Peer running out of memory when overloaded with searching requests

:test_tube: YaCy Stress Testing & Optimization β€” 12-Month Benchmark Overview

:round_pushpin: Overview:

Over the past 12 months, I have conducted extensive stress testing on YaCy using various configurations and backend setups, including RAID 5, RAM drives, and JVM tuning. The goal was to evaluate response time under burst load conditions, identify potential memory leaks, and assess the impact of JVM updates on system stability.


:wrench: System Setup:

  • Server: HP DL360 Gen8
  • RAM: 384 GB ECC
  • Java: Amazon Corretto 21
  • Storage Backends:
    • RAID 5
    • RAMDisk (tmpfs for /var and /var/tmp)

:hammer_and_wrench: Issue Encountered:

  • During testing, the Java process crashed, leaving behind a diagnostic log.
  • Upon inspection, the crash appeared to be related to a A fatal error has been detected by the Java Runtime Environment:, causing memory parsing issues.
  • The issue was reported to Amazon Corretto 21 on GitHub:

Suggested Resolution: Update to Amazon Corretto 21.0.7.6-1.

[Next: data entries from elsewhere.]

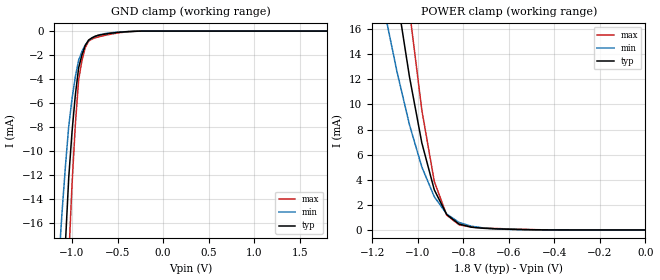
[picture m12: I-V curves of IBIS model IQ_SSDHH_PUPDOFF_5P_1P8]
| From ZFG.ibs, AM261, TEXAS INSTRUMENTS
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[Model]   IQ_SSDHH_PUPDOFF_5P_1P8
Model_type   Input
Polarity   Non-Inverting
Vinl =  0.63
Vinh =  1.17
C_comp   1.313442p   1.241204p   1.780255p
|[Input load] weak_pupdoff
|[supplytol] 5
|[temp] ind
[Model Spec]
Vinl   0.63   0.5985   0.6615
Vinh   1.17   1.1115   1.2285
[Temperature Range]   25   125   -40
[Voltage Range]   1.8   1.71   1.89
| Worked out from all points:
|   GND clamp passes 1 mA (typ) near -0.84 V on its own axis
|   POWER clamp passes 1 mA (typ) near -0.86 V on its own axis
| Nom Voltages:
|   VDD=1.1, VDDS=1.8, VDDS18=1.8, BUS_VSSS=0, ESD_BIASFET=0, VSS=0
| Min Voltages:
|   VDD=1.045, VDDS=1.71, VDDS18=1.71, BUS_VSSS=0, ESD_BIASFET=0, VSS=0
| Max Voltages:
|   VDD=1.16, VDDS=1.89, VDDS18=1.89, BUS_VSSS=0, ESD_BIASFET=0, VSS=0
[POWER_clamp]
|   voltage   I(typ)   I(min)   I(max)
-1.8V     125.7mA    90.95mA    174.2mA
-1.127V   23.26mA    15.8mA     33.5mA
-1.073V   16.45mA    11.19mA    23.69mA
-1.055V   14.33mA    9.791mA    20.59mA
-1.036V   12.21mA    8.39mA     17.49mA
-1.018V   10.45mA    7.264mA    14.84mA
-981.8mV  6.927mA    5.012mA    9.53mA
-927.3mV  3.2mA      2.646mA    3.869mA
-872.7mV  1.228mA    1.269mA    1.178mA
-818.2mV  468.1uA    595.3uA    409.5uA
-654.5mV  88.28uA    84.44uA    116.7uA
0V        19.84nA    103.8nA    217.5nA
[GND_clamp]
|   voltage   I(typ)   I(min)   I(max)
-1.8V     -190.2mA   -126mA     -287.6mA
-1.145V   -30.71mA   -19.26mA   -48.24mA
-1.109V   -23.91mA   -15.06mA   -37.5mA
-1.073V   -17.75mA   -11.29mA   -27.75mA
-1.036V   -12.24mA   -7.958mA   -18.98mA
-1V       -8.39mA    -5.645mA   -12.77mA
-963.6mV  -5.329mA   -3.799mA   -7.793mA
-927.3mV  -3.057mA   -2.421mA   -4.049mA
-854.5mV  -1.206mA   -1.153mA   -1.368mA
-781.8mV  -563.5uA   -592.1uA   -675.2uA
-272.7mV  -6.512uA   -13.21uA   -7.453uA
1.8V      19.84nA    106.3nA    209.3nA
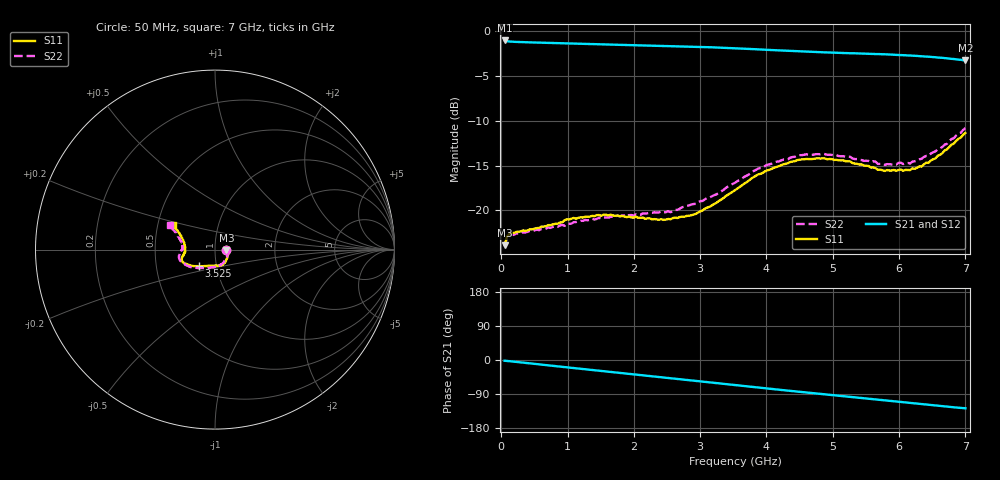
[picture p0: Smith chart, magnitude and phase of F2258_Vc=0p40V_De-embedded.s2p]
! Integrated Device Technology
! Corporate Headquarters
! 6024 Silver Creek Valley Road
! San Jose, CA 95138  USA
! Phone:  1-408-284-8200
! Toll Free:  1-800-223-1366
! Webpage:  http://www.idt.com/
! Timing and RF Division
! 515 Groton Road, Suite 102
! Westford, MA 01886-6024
! Device:  F2258
! Description: Voltage Variable RF Attenuator
! Frequency:  50.0 -  6000.00 MHz
! Package:  3x3 mm Thin QFN Plastic Package: 16 pin
! Ports:  2 RF, 2 DC
!  Pin  1  = NC
!  Pin  2  = NC
!  Pin  3  = RF2  = Port 2
!  Pin  4  = GND
!  Pin  5  = Vdd
!  Pin  6  = NC
!  Pin  7  = VCTRL
!  Pin  8  = NC
!  Pin  9  = GND
!  Pin 10  = RF1  = Port 1
!  Pin 11  = NC
!  Pin 12  = NC
!  Pin 13  = NC
!  Pin 14  = NC
!  Pin 15  = NC
!  Pin 16  = NC
! Vcntrl:  0.400 Volts
! Vdd:  +3.300 Volts
! Current:  1.093 mA
! Data:  The device was measured on a the F2258 evaluation board which has
!  individual transmission lines to the RF pins.  Data was collected
!  using a calibrated network analyzer.  The evaluation board was
!  de-embedded using a TRL calibration technique.
!  The reference plane is the edge of the package pin.
! Misc:  SN 10
!  Action Tracker AT0285
! Date Measured:  2014-12-10
! Date:  2016-01-13  MJV
! Note:
!  Integrated Device Technology supplies this data as a sample of measured
!  data at the package pin for this product.  Your particular data for this
!  product may vary.
!  Data was taken at 25 degrees C.
!  Integrated Device Technology reserves the right to change this data at anytime.
!Freq_(GHz)  S11M_(dB)  S11P_(deg)  S21M_(dB)  S21P_(deg)  S12M_(dB)  S12P_(deg)  S22M_(dB)  S22P_(deg)
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# GHz S dB R 50
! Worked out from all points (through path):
!   201 points, 50 MHz to 7 GHz, reference 50 ohm
!   highest |S21| = -1.02 dB at 50 MHz (marker M1); lowest = -3.3 dB at 7 GHz (marker M2)
!   group delay of S21, straight-line fit = 50.5 ps
!   lowest |S11| = -23.9 dB at 50 MHz (marker M3), VSWR 1.14, Z = 56.8 - j0.417 ohm
!   |S11| at or under -10 dB: start of sweep to end of sweep
!   |S22| runs from -24.0 to -10.8 dB; largest |S21 - S12| = 0.00048
!   S11 on the Smith chart (normalised r, x): 50 MHz: 1.14, -0.01; 3.525 GHz: 0.82, -0.15; 7 GHz: 0.60, +0.18
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0.05  -23.91 -3.3  -1.02 -2.0  -1.02 -1.9  -24.01 -3.1
0.08475  -22.97 -5.4  -1.10 -2.5  -1.10 -2.5  -23.09 -5.2
0.15425  -22.51 -8.5  -1.16 -3.6  -1.16 -3.6  -22.73 -9.0
0.71025  -21.65 -34.6  -1.29 -14.1  -1.29 -14.1  -21.93 -37.1
0.98825  -21.01 -47.9  -1.34 -19.4  -1.34 -19.4  -21.51 -52.6
1.2315  -20.81 -55.9  -1.40 -23.8  -1.40 -23.8  -21.17 -61.6
1.6485  -20.49 -67.4  -1.48 -31.4  -1.48 -31.4  -20.73 -74.7
2.37825  -21.06 -87.8  -1.61 -44.8  -1.61 -44.8  -20.23 -92.7
2.552  -21.00 -93.7  -1.65 -48.0  -1.64 -48.0  -20.20 -98.0
2.93425  -20.40 -110.5  -1.73 -55.1  -1.73 -55.1  -19.28 -111.5
3.247  -19.16 -123.5  -1.80 -61.0  -1.80 -61.0  -18.22 -123.8
3.525  -17.76 -134.4  -1.89 -66.2  -1.89 -66.2  -16.92 -134.4
4.0115  -15.54 -148.8  -2.07 -75.2  -2.07 -75.2  -14.91 -150.0
4.46325  -14.40 -157.6  -2.23 -83.4  -2.23 -83.4  -13.89 -161.3
4.7065  -14.26 -160.9  -2.30 -87.7  -2.30 -87.7  -13.79 -165.6
5.2625  -14.54 -167.7  -2.45 -97.4  -2.46 -97.4  -14.02 -173.7
5.6795  -15.48 -174.3  -2.54 -104.6  -2.54 -104.6  -14.82 -179.3
5.85325  -15.55 -178.4  -2.59 -107.8  -2.60 -107.8  -14.85 176.1
6.166  -15.51 173.6  -2.70 -113.4  -2.70 -113.4  -14.77 170.1
6.33975  -15.11 167.1  -2.78 -116.5  -2.78 -116.5  -14.25 165.7
6.722  -13.20 154.9  -3.01 -123.1  -3.02 -123.1  -12.58 156.6
7  -11.36 149.2  -3.26 -127.4  -3.26 -127.4  -10.82 151.6

:white_check_mark: Resolution & Testing:

After updating to 21.0.7.6-1, I ran several test scripts, including:

  • Python Burst Script: JSON API search at 1 kHz with 10s cooldown
  • QB64 Custom Program: High-frequency search testing at 15 Hz and 100 Hz

Findings:

  • Memory usage decreased slightly with the JVM update, likely due to improved garbage collection and heap management.
  • RAMDisk significantly improved response times, reducing disk I/O contention.
  • RAID 5 backend remained the primary source of latency spikes, particularly under 100 Hz sustained query load.

:package: Java Options:

To further optimize JVM performance, the following Java options were applied:

JAVA_ARGS="-server -Djava.awt.headless=true -Dfile.encoding=UTF-8"
JAVA_ARGS="-XX:+UseZGC -XX:ZUncommitDelay=60 -XX:+UseLargePages $JAVA_ARGS"
JAVA_ARGS="-XX:+PerfDisableSharedMem $JAVA_ARGS"

Explanation:

  • -XX:+UseZGC β€” Enables the Z Garbage Collector for rapid, low-latency memory management.
  • -XX:ZUncommitDelay=60 β€” Frees unused memory after 60 seconds of inactivity.
  • -XX:+UseLargePages β€” Reduces TLB misses, improving memory access efficiency.
  • -XX:+PerfDisableSharedMem β€” Disables unnecessary shared memory, minimizing contention.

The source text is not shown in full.